Particularly, since the interface plate generates heat by applying a voltage to the electrode inside the interface plate at cold start and low temperature environment, the battery can be heated to an appropriate level of temperature. Thus, the battery performance can be improved, and decreased output of a vehicle can be prevented.

The disclosure has been described in detail with reference to exemplary embodiments thereof. However, it will be appreciated by those skilled in the art that changes may be made in these embodiments without departing from the principles and spirit of the disclosure, the scope of which is defined in the appended claims and their equivalents.

Claims

1. An apparatus for indirectly cooling and heating a battery module of an eco-friendly vehicle, comprising:

a thermally and electrically conductive interface plate embedded with a heat pipe and an electrode through overmolding is closely disposed between two or more battery cells selected from a plurality of battery cells; and

a heat sink disposed in an air cooling channel of an external housing surrounding the battery cells and integrally connected to an upper end portion of the heat pipe.

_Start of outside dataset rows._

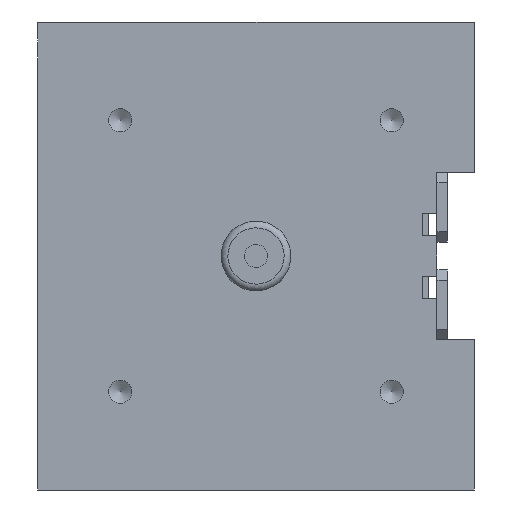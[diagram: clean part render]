
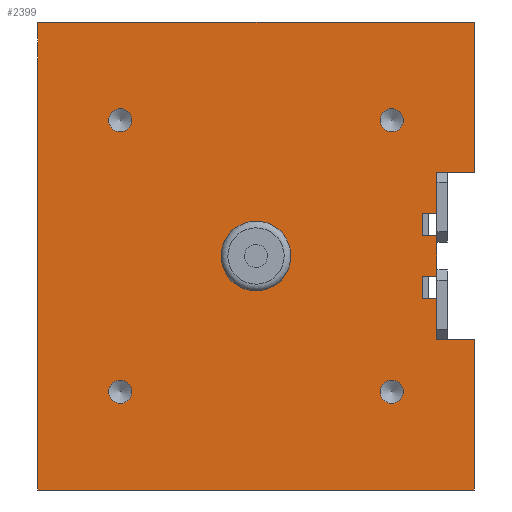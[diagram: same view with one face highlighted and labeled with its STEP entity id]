
A CAD part, front view. The second image highlights one B-rep face of the part: STEP entity #2399.
In plain terms, the highlighted planar face has unit normal (0, -1, 0).
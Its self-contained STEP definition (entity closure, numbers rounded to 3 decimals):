
#2193=CARTESIAN_POINT('',(-9.997,0.,-0.232));
#2194=VERTEX_POINT('',#2193);
#2195=CARTESIAN_POINT('',(0.,0.,0.));
#2196=DIRECTION('',(0.0,1.0,0.0));
#2197=DIRECTION('',(0.0,0.0,-1.0));
#2198=AXIS2_PLACEMENT_3D('',#2195,#2196,#2197);
#2199=CIRCLE('',#2198,10.);
#2200=EDGE_CURVE('',#2194,#2194,#2199,.T.);
#2217=CARTESIAN_POINT('',(2.68,0.,0.));
#2218=DIRECTION('',(0.0,1.0,0.0));
#2219=DIRECTION('',(0.0,0.0,1.0));
#2220=AXIS2_PLACEMENT_3D('',#2217,#2218,#2219);
#2221=PLANE('',#2220);
#2222=CARTESIAN_POINT('',(62.5,0.,-67.0));
#2223=VERTEX_POINT('',#2222);
#2224=CARTESIAN_POINT('',(-62.5,0.,-67.0));
#2225=VERTEX_POINT('',#2224);
#2226=CARTESIAN_POINT('',(62.5,0.,-67.0));
#2227=DIRECTION('',(-1.0,0.0,0.0));
#2228=VECTOR('',#2227,125.0);
#2229=LINE('',#2226,#2228);
#2230=EDGE_CURVE('',#2223,#2225,#2229,.T.);
#2231=ORIENTED_EDGE('',*,*,#2230,.F.);
#2232=CARTESIAN_POINT('',(62.5,0.,-24.));
#2233=VERTEX_POINT('',#2232);
#2234=CARTESIAN_POINT('',(62.5,0.,-24.));
#2235=DIRECTION('',(0.0,0.0,-1.0));
#2236=VECTOR('',#2235,43.);
#2237=LINE('',#2234,#2236);
#2238=EDGE_CURVE('',#2233,#2223,#2237,.T.);
#2239=ORIENTED_EDGE('',*,*,#2238,.F.);
#2240=CARTESIAN_POINT('',(51.8,0.,-24.));
#2241=VERTEX_POINT('',#2240);
#2242=CARTESIAN_POINT('',(51.8,0.,-24.));
#2243=DIRECTION('',(1.0,0.0,0.0));
#2244=VECTOR('',#2243,10.7);
#2245=LINE('',#2242,#2244);
#2246=EDGE_CURVE('',#2241,#2233,#2245,.T.);
#2247=ORIENTED_EDGE('',*,*,#2246,.F.);
#2248=CARTESIAN_POINT('',(51.8,0.,-12.2));
#2249=VERTEX_POINT('',#2248);
#2250=CARTESIAN_POINT('',(51.8,0.,-12.2));
#2251=DIRECTION('',(0.0,0.0,-1.0));
#2252=VECTOR('',#2251,11.8);
#2253=LINE('',#2250,#2252);
#2254=EDGE_CURVE('',#2249,#2241,#2253,.T.);
#2255=ORIENTED_EDGE('',*,*,#2254,.F.);
#2256=CARTESIAN_POINT('',(47.6,0.,-12.2));
#2257=VERTEX_POINT('',#2256);
#2258=CARTESIAN_POINT('',(47.6,0.,-12.2));
#2259=DIRECTION('',(1.0,0.0,0.0));
#2260=VECTOR('',#2259,4.2);
#2261=LINE('',#2258,#2260);
#2262=EDGE_CURVE('',#2257,#2249,#2261,.T.);
#2263=ORIENTED_EDGE('',*,*,#2262,.F.);
#2264=CARTESIAN_POINT('',(47.6,0.,-5.8));
#2265=VERTEX_POINT('',#2264);
#2266=CARTESIAN_POINT('',(47.6,0.,-5.8));
#2267=DIRECTION('',(0.0,0.0,-1.0));
#2268=VECTOR('',#2267,6.4);
#2269=LINE('',#2266,#2268);
#2270=EDGE_CURVE('',#2265,#2257,#2269,.T.);
#2271=ORIENTED_EDGE('',*,*,#2270,.F.);
#2272=CARTESIAN_POINT('',(51.8,0.,-5.8));
#2273=VERTEX_POINT('',#2272);
#2274=CARTESIAN_POINT('',(51.8,0.,-5.8));
#2275=DIRECTION('',(-1.0,0.0,0.0));
#2276=VECTOR('',#2275,4.2);
#2277=LINE('',#2274,#2276);
#2278=EDGE_CURVE('',#2273,#2265,#2277,.T.);
#2279=ORIENTED_EDGE('',*,*,#2278,.F.);
#2280=CARTESIAN_POINT('',(51.8,0.,5.8));
#2281=VERTEX_POINT('',#2280);
#2282=CARTESIAN_POINT('',(51.8,0.,5.8));
#2283=DIRECTION('',(0.0,0.0,-1.0));
#2284=VECTOR('',#2283,11.6);
#2285=LINE('',#2282,#2284);
#2286=EDGE_CURVE('',#2281,#2273,#2285,.T.);
#2287=ORIENTED_EDGE('',*,*,#2286,.F.);
#2288=CARTESIAN_POINT('',(47.6,0.,5.8));
#2289=VERTEX_POINT('',#2288);
#2290=CARTESIAN_POINT('',(47.6,0.,5.8));
#2291=DIRECTION('',(1.0,0.0,0.0));
#2292=VECTOR('',#2291,4.2);
#2293=LINE('',#2290,#2292);
#2294=EDGE_CURVE('',#2289,#2281,#2293,.T.);
#2295=ORIENTED_EDGE('',*,*,#2294,.F.);
#2296=CARTESIAN_POINT('',(47.6,0.,12.2));
#2297=VERTEX_POINT('',#2296);
#2298=CARTESIAN_POINT('',(47.6,0.,12.2));
#2299=DIRECTION('',(0.0,0.0,-1.0));
#2300=VECTOR('',#2299,6.4);
#2301=LINE('',#2298,#2300);
#2302=EDGE_CURVE('',#2297,#2289,#2301,.T.);
#2303=ORIENTED_EDGE('',*,*,#2302,.F.);
#2304=CARTESIAN_POINT('',(51.8,0.,12.2));
#2305=VERTEX_POINT('',#2304);
#2306=CARTESIAN_POINT('',(51.8,0.,12.2));
#2307=DIRECTION('',(-1.0,0.0,0.0));
#2308=VECTOR('',#2307,4.2);
#2309=LINE('',#2306,#2308);
#2310=EDGE_CURVE('',#2305,#2297,#2309,.T.);
#2311=ORIENTED_EDGE('',*,*,#2310,.F.);
#2312=CARTESIAN_POINT('',(51.8,0.,24.));
#2313=VERTEX_POINT('',#2312);
#2314=CARTESIAN_POINT('',(51.8,0.,24.));
#2315=DIRECTION('',(0.0,0.0,-1.0));
#2316=VECTOR('',#2315,11.8);
#2317=LINE('',#2314,#2316);
#2318=EDGE_CURVE('',#2313,#2305,#2317,.T.);
#2319=ORIENTED_EDGE('',*,*,#2318,.F.);
#2320=CARTESIAN_POINT('',(62.5,0.,24.));
#2321=VERTEX_POINT('',#2320);
#2322=CARTESIAN_POINT('',(62.5,0.,24.));
#2323=DIRECTION('',(-1.0,0.0,0.0));
#2324=VECTOR('',#2323,10.7);
#2325=LINE('',#2322,#2324);
#2326=EDGE_CURVE('',#2321,#2313,#2325,.T.);
#2327=ORIENTED_EDGE('',*,*,#2326,.F.);
#2328=CARTESIAN_POINT('',(62.5,0.,67.0));
#2329=VERTEX_POINT('',#2328);
#2330=CARTESIAN_POINT('',(62.5,0.,67.0));
#2331=DIRECTION('',(0.0,0.0,-1.0));
#2332=VECTOR('',#2331,43.);
#2333=LINE('',#2330,#2332);
#2334=EDGE_CURVE('',#2329,#2321,#2333,.T.);
#2335=ORIENTED_EDGE('',*,*,#2334,.F.);
#2336=CARTESIAN_POINT('',(-62.5,0.,67.0));
#2337=VERTEX_POINT('',#2336);
#2338=CARTESIAN_POINT('',(-62.5,0.,67.0));
#2339=DIRECTION('',(1.0,0.0,0.0));
#2340=VECTOR('',#2339,125.0);
#2341=LINE('',#2338,#2340);
#2342=EDGE_CURVE('',#2337,#2329,#2341,.T.);
#2343=ORIENTED_EDGE('',*,*,#2342,.F.);
#2344=CARTESIAN_POINT('',(-62.5,0.,-67.0));
#2345=DIRECTION('',(0.0,0.0,1.0));
#2346=VECTOR('',#2345,134.0);
#2347=LINE('',#2344,#2346);
#2348=EDGE_CURVE('',#2225,#2337,#2347,.T.);
#2349=ORIENTED_EDGE('',*,*,#2348,.F.);
#2350=EDGE_LOOP('',(#2231,#2239,#2247,#2255,#2263,#2271,#2279,#2287,#2295,#2303,#2311,#2319,#2327,#2335,#2343,#2349));
#2351=FACE_OUTER_BOUND('',#2350,.T.);
#2352=CARTESIAN_POINT('',(38.891,0.,-42.214));
#2353=VERTEX_POINT('',#2352);
#2354=CARTESIAN_POINT('',(38.891,0.,-38.891));
#2355=DIRECTION('',(0.0,1.0,0.0));
#2356=DIRECTION('',(0.0,0.0,-1.0));
#2357=AXIS2_PLACEMENT_3D('',#2354,#2355,#2356);
#2358=CIRCLE('',#2357,3.324);
#2359=EDGE_CURVE('',#2353,#2353,#2358,.T.);
#2360=ORIENTED_EDGE('',*,*,#2359,.T.);
#2361=EDGE_LOOP('',(#2360));
#2362=FACE_BOUND('',#2361,.T.);
#2363=CARTESIAN_POINT('',(38.891,0.,35.567));
#2364=VERTEX_POINT('',#2363);
#2365=CARTESIAN_POINT('',(38.891,0.,38.891));
#2366=DIRECTION('',(0.0,1.0,0.0));
#2367=DIRECTION('',(0.0,0.0,-1.0));
#2368=AXIS2_PLACEMENT_3D('',#2365,#2366,#2367);
#2369=CIRCLE('',#2368,3.324);
#2370=EDGE_CURVE('',#2364,#2364,#2369,.T.);
#2371=ORIENTED_EDGE('',*,*,#2370,.T.);
#2372=EDGE_LOOP('',(#2371));
#2373=FACE_BOUND('',#2372,.T.);
#2374=CARTESIAN_POINT('',(-38.891,0.,35.567));
#2375=VERTEX_POINT('',#2374);
#2376=CARTESIAN_POINT('',(-38.891,0.,38.891));
#2377=DIRECTION('',(0.0,1.0,0.0));
#2378=DIRECTION('',(0.0,0.0,-1.0));
#2379=AXIS2_PLACEMENT_3D('',#2376,#2377,#2378);
#2380=CIRCLE('',#2379,3.324);
#2381=EDGE_CURVE('',#2375,#2375,#2380,.T.);
#2382=ORIENTED_EDGE('',*,*,#2381,.T.);
#2383=EDGE_LOOP('',(#2382));
#2384=FACE_BOUND('',#2383,.T.);
#2385=CARTESIAN_POINT('',(-38.891,0.,-42.214));
#2386=VERTEX_POINT('',#2385);
#2387=CARTESIAN_POINT('',(-38.891,0.,-38.891));
#2388=DIRECTION('',(0.0,1.0,0.0));
#2389=DIRECTION('',(0.0,0.0,-1.0));
#2390=AXIS2_PLACEMENT_3D('',#2387,#2388,#2389);
#2391=CIRCLE('',#2390,3.324);
#2392=EDGE_CURVE('',#2386,#2386,#2391,.T.);
#2393=ORIENTED_EDGE('',*,*,#2392,.T.);
#2394=EDGE_LOOP('',(#2393));
#2395=FACE_BOUND('',#2394,.T.);
#2396=ORIENTED_EDGE('',*,*,#2200,.T.);
#2397=EDGE_LOOP('',(#2396));
#2398=FACE_BOUND('',#2397,.T.);
#2399=ADVANCED_FACE('',(#2351,#2362,#2373,#2384,#2395,#2398),#2221,.F.);

2. The apparatus of claim 1, wherein the interface plate comprises a thermally conductive elastomer containing an electrical conductive filler in an amount of about 40 wt % to 60 wt % in which one or more selected from a group consisting of graphite, carbon nanotube, silver powder, carbon black, and carbon fiber are mixed.

3. The apparatus of claim 1, wherein the heat pipe has a planar strip shape formed of an aluminum material, comprises a working fluid therein, and is embedded in the interface plate at a uniform interval.

4. The apparatus of claim 1, wherein the heat sink is a condensation part that condenses a working fluid gasified in the heat pipe, and a plurality of heat radiant plates are integrally formed on a surface of the heat sink.

5. The apparatus of claim 1, wherein the external housing comprises a lower space surrounding the battery cell, the interface plate, and an upper space where the heat sink is disposed in the air cooling channel and has a heat insulating layer formed on a whole surface thereof.

6. The apparatus of claim 1, comprising a flap disposed at an inlet and an outlet of the air cooling channel of the external housing to open and close the air cooling channel according to a controller.

7. The apparatus of claim 5, comprising a flap disposed at an inlet and an outlet of the air cooling channel of the external housing to open and close the air cooling channel according to a controller.